It seems strange that you would want to deny a corporation like Gibson trademark rights to their own intellectual property.  By your logic then wouldn't "small independent" songwriters (and singers) be able to use songs of major recording artists without regard?
I think NoNickel is on the mark when he notes that Gibson is just making certain that they claim their own intellectual property before someone else does.

----------

DataNick, 

Timbofood

----------


## Bernie Daniel

> Gibson is copying Gibson....


And loving every minute of it!   :Smile:

----------


## Bernie Daniel

> .....Inlay won't go away and it will be cool seeing something new and different from the builders out there.


I agree!

----------


## Petrus

I'm not a fan of "corporate greed" as such but Gibson is hardly a monster international conglomerate (and, afaik, use no GMOs in their instruments, so far.)  I too hope this will inspire more creativity in luthiers and less hide-bound copycat thinking.  Creativity brought us the Giacomel, Monteleone, Mowry, Phoenix, the whole Breedlove streamlined style, etc.

----------


## JEStanek

I think Hot Hide Bound Mandolins have the best tone.  I doubt this is corporate greed.  Seriously, compared to their guitars, what percentage of Gibson's income comes from mandolins... a fraction of a percent???

Arguing over timeliness of the trademark makes sense, but Gibson wanting to crush all other mandolin competition just doesn't.  There's no way they could keep up with the demand.  

Personally, if we're talking traditional inlay designs, I prefer the torch and wire over the fern...  I like a lot of the newer ones that are being dreamed up by new builders as well much better, too.

Jamie

----------

Bernie Daniel

----------


## Jim Hilburn

Admittedly the F-5 is a unique case among instruments. Most pegheads are basically rectangles with some form of identifying shape across the top. Sometimes the sides are straight, sometimes curved. With flattop guitars it is often reminiscent of Martin while archtop guitars are more Gibson inspired but steering clear of the moustache.
However the F style mandolin is both iconic and considered by most to be the only correct look for the instrument. In my view most attempts at a different look fall short of the traditional.
As far as inlay, while I have only done a couple of actual ferns I'm just not very creative or artistic and usually do some form of re-combining to get something unique.

----------


## MikeEdgerton

I've been scrolling back through the old threads from the Flowerpot discussions in 2004 complete with answers from Charlie Derrington regarding the process then. You could pretty much merge those threads with these. I do want to share The Old Wave answer to the flowerpot. I will add you don't want to just look at this on your phone. You need to open it on a desktop PC that allows you to enlarge the image a bit. Otherwise you miss some of the minute detail in the inlay and engraving.

----------

JEStanek

----------


## Jim Hilburn

The original, before there was a Gibson Mandolin-Guitar Mfg Co.

----------


## Jim Hilburn

Here's my half and half. I guess they can write a cease and desist letter for the top half.

----------


## Glennly

The registration was issued based on a claim of "acquired distinctiveness" pursuant to Section 2(f) of the Lanham Act, the U.S. trademark statute.  To establish this to the satisfaction of the Trademark Examiner, Gibson had to claim "substantially exclusive and continuous use" for at least the five years immediately preceding the application.  The trademark examiner probably did not conduct a full independent survey of the landscape, so s/he relied on whatever Gibson provided.

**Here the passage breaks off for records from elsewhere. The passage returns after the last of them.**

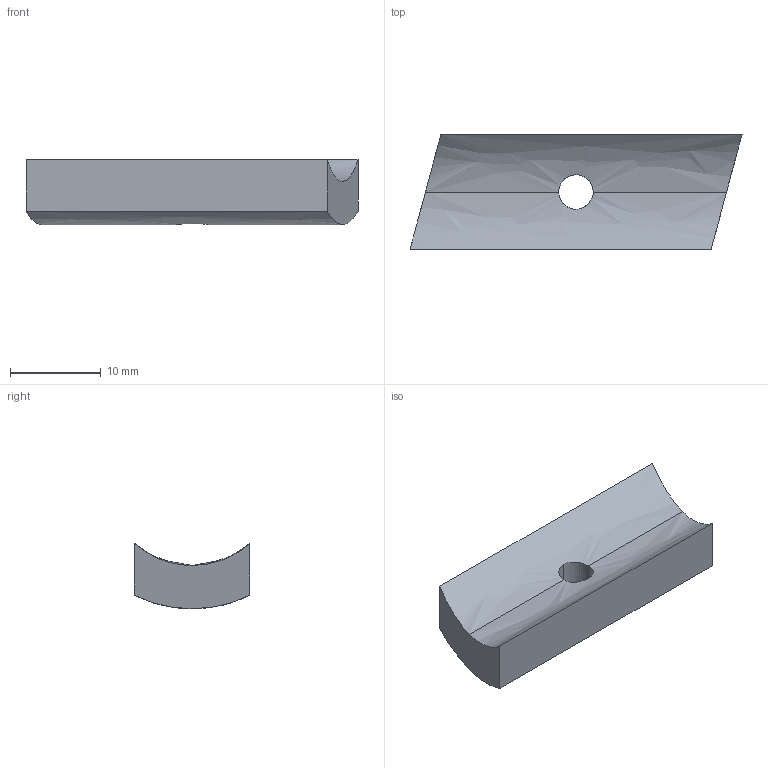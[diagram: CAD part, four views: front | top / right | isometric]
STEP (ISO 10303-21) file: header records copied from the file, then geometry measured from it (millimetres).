
FILE_DESCRIPTION(('TurboCAD Mac Pro'),'Build 980');
FILE_NAME('P3016-1024.stp',' ',(''),(''),'ACIS Interop','IMSI','TurboCAD Mac Pro BY IMSI, INCORPORATED');
FILE_SCHEMA(('automotive_design'));
Length unit declared in the file: inch
Products named in the file (1): 1
Bounding box: 36.51 x 12.7 x 7.2 mm (x, y, z)
Volume: 2066.2 mm3; surface area: 1441 mm2
Topology: 1 solids, 1 shells, 12 faces, 36 edges, 24 vertices
Faces by surface type: bspline 8, plane 4
Entity records: 658 total; most frequent: CARTESIAN_POINT 275, ORIENTED_EDGE 72, EDGE_CURVE 36, DIRECTION 24, VERTEX_POINT 24, B_SPLINE_CURVE_WITH_KNOTS 22, LINE 14, VECTOR 14
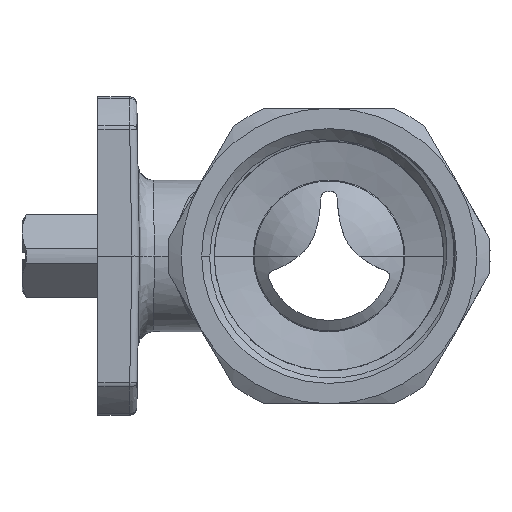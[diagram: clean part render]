
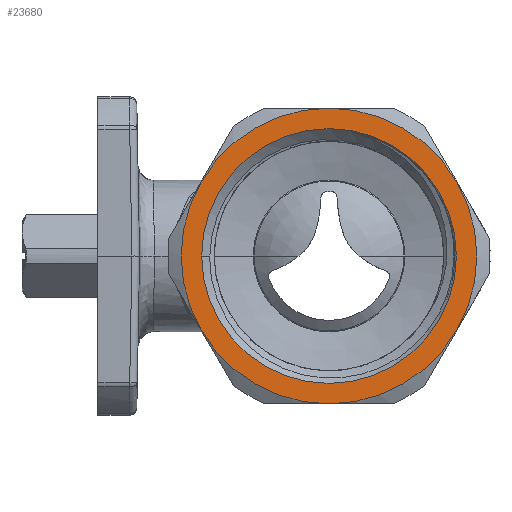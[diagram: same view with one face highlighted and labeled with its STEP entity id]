
A CAD part, left-side view. The second image highlights one B-rep face of the part: STEP entity #23680.
In plain terms, the highlighted planar face has unit normal (-1, 0, 0).
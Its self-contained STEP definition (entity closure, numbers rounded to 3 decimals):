
#804=CARTESIAN_POINT('',(-38.4,16.887,-9.75));
#834=CARTESIAN_POINT('',(-38.4,0.,0.));
#835=DIRECTION('',(1.,0.,0.));
#836=DIRECTION('',(0.,-0.866,-0.5));
#837=AXIS2_PLACEMENT_3D('',#834,#835,#836);
#839=CARTESIAN_POINT('',(-38.4,0.,0.));
#840=DIRECTION('',(1.,0.,0.));
#841=DIRECTION('',(0.,0.,-1.));
#842=AXIS2_PLACEMENT_3D('',#839,#840,#841);
#844=CARTESIAN_POINT('',(-38.4,0.,0.));
#845=DIRECTION('',(-1.,0.,0.));
#846=DIRECTION('',(0.,0.,1.));
#847=AXIS2_PLACEMENT_3D('',#844,#845,#846);
#849=CARTESIAN_POINT('',(-38.4,0.,0.));
#850=DIRECTION('',(-1.,0.,0.));
#851=DIRECTION('',(0.,-0.866,0.5));
#852=AXIS2_PLACEMENT_3D('',#849,#850,#851);
#854=CARTESIAN_POINT('',(-38.4,0.,0.));
#855=DIRECTION('',(-1.,0.,0.));
#856=DIRECTION('',(0.,-0.866,-0.5));
#857=AXIS2_PLACEMENT_3D('',#854,#855,#856);
#886=CARTESIAN_POINT('',(-38.4,-16.887,9.75));
#924=CARTESIAN_POINT('',(-38.4,0.,19.5));
#962=CARTESIAN_POINT('',(-38.4,16.887,9.75));
#973=CARTESIAN_POINT('',(-38.4,0.,0.));
#974=DIRECTION('',(-1.,0.,0.));
#975=DIRECTION('',(0.,0.866,0.5));
#976=AXIS2_PLACEMENT_3D('',#973,#974,#975);
#1276=CARTESIAN_POINT('',(-38.4,-16.887,
-9.75));
#1322=CARTESIAN_POINT('',(-38.4,0.,
-19.5));
#1520=CARTESIAN_POINT('',(-38.4,0.,0.));
#1521=DIRECTION('',(-1.,0.,0.));
#1522=DIRECTION('',(0.,-1.,0.));
#1523=AXIS2_PLACEMENT_3D('',#1520,#1521,#1522);
#1759=CARTESIAN_POINT('',(-38.4,0.,0.));
#1760=DIRECTION('',(1.,0.,0.));
#1761=DIRECTION('',(0.,-1.,0.));
#1762=AXIS2_PLACEMENT_3D('',#1759,#1760,#1761);
#20948=CARTESIAN_POINT('',(-38.4,-16.8,0.));
#20949=CARTESIAN_POINT('',(-38.4,16.8,0.));
#20950=VERTEX_POINT('',#20948);
#20951=VERTEX_POINT('',#20949);
#20957=VERTEX_POINT('',#886);
#20964=VERTEX_POINT('',#924);
#20971=VERTEX_POINT('',#962);
#20974=VERTEX_POINT('',#804);
#20981=VERTEX_POINT('',#1322);
#20988=VERTEX_POINT('',#1276);
#23656=CARTESIAN_POINT('',(-38.4,0.,0.));
#23657=DIRECTION('',(1.,0.,0.));
#23658=DIRECTION('',(0.,-1.,0.));
#23659=AXIS2_PLACEMENT_3D('',#23656,#23657,#23658);
#23660=PLANE('',#23659);
#23662=ORIENTED_EDGE('',*,*,#23661,.F.);
#23664=ORIENTED_EDGE('',*,*,#23663,.T.);
#23665=ORIENTED_EDGE('',*,*,#23643,.T.);
#23667=ORIENTED_EDGE('',*,*,#23666,.F.);
#23669=ORIENTED_EDGE('',*,*,#23668,.F.);
#23671=ORIENTED_EDGE('',*,*,#23670,.F.);
#23672=EDGE_LOOP('',(#23662,#23664,#23665,#23667,#23669,#23671));
#23673=FACE_OUTER_BOUND('',#23672,.F.);
#23675=ORIENTED_EDGE('',*,*,#23674,.T.);
#23677=ORIENTED_EDGE('',*,*,#23676,.F.);
#23678=EDGE_LOOP('',(#23675,#23677));
#23679=FACE_BOUND('',#23678,.F.);
#838=CIRCLE('',#837,19.5);
#843=CIRCLE('',#842,19.5);
#848=CIRCLE('',#847,19.5);
#853=CIRCLE('',#852,19.5);
#858=CIRCLE('',#857,19.5);
#977=CIRCLE('',#976,19.5);
#1524=CIRCLE('',#1523,16.8);
#1763=CIRCLE('',#1762,16.8);
#23643=EDGE_CURVE('',#20981,#20974,#843,.T.);
#23661=EDGE_CURVE('',#20988,#20957,#858,.T.);
#23663=EDGE_CURVE('',#20988,#20981,#838,.T.);
#23666=EDGE_CURVE('',#20971,#20974,#977,.T.);
#23668=EDGE_CURVE('',#20964,#20971,#848,.T.);
#23670=EDGE_CURVE('',#20957,#20964,#853,.T.);
#23674=EDGE_CURVE('',#20950,#20951,#1524,.T.);
#23676=EDGE_CURVE('',#20950,#20951,#1763,.T.);
#23680=ADVANCED_FACE('',(#23673,#23679),#23660,.F.);

Should Gibson attempt to enforce its registration against a thrid party, that party can produce evidence that the Fern and headstock design has been used by third parties, as well as surveys demonstrating that relevant consumers, while they may know that the fern and headstock design was originally used by Gibson, do not associate the design with a single source, sa opposed to a merely aesthetic feature.  IN other words, consumers know that a number of builders use the fern design and don't assume that, just because a mandolin has that design, it must be a Gibson..  Thus, I think the registration may be vulnerable to a challenge.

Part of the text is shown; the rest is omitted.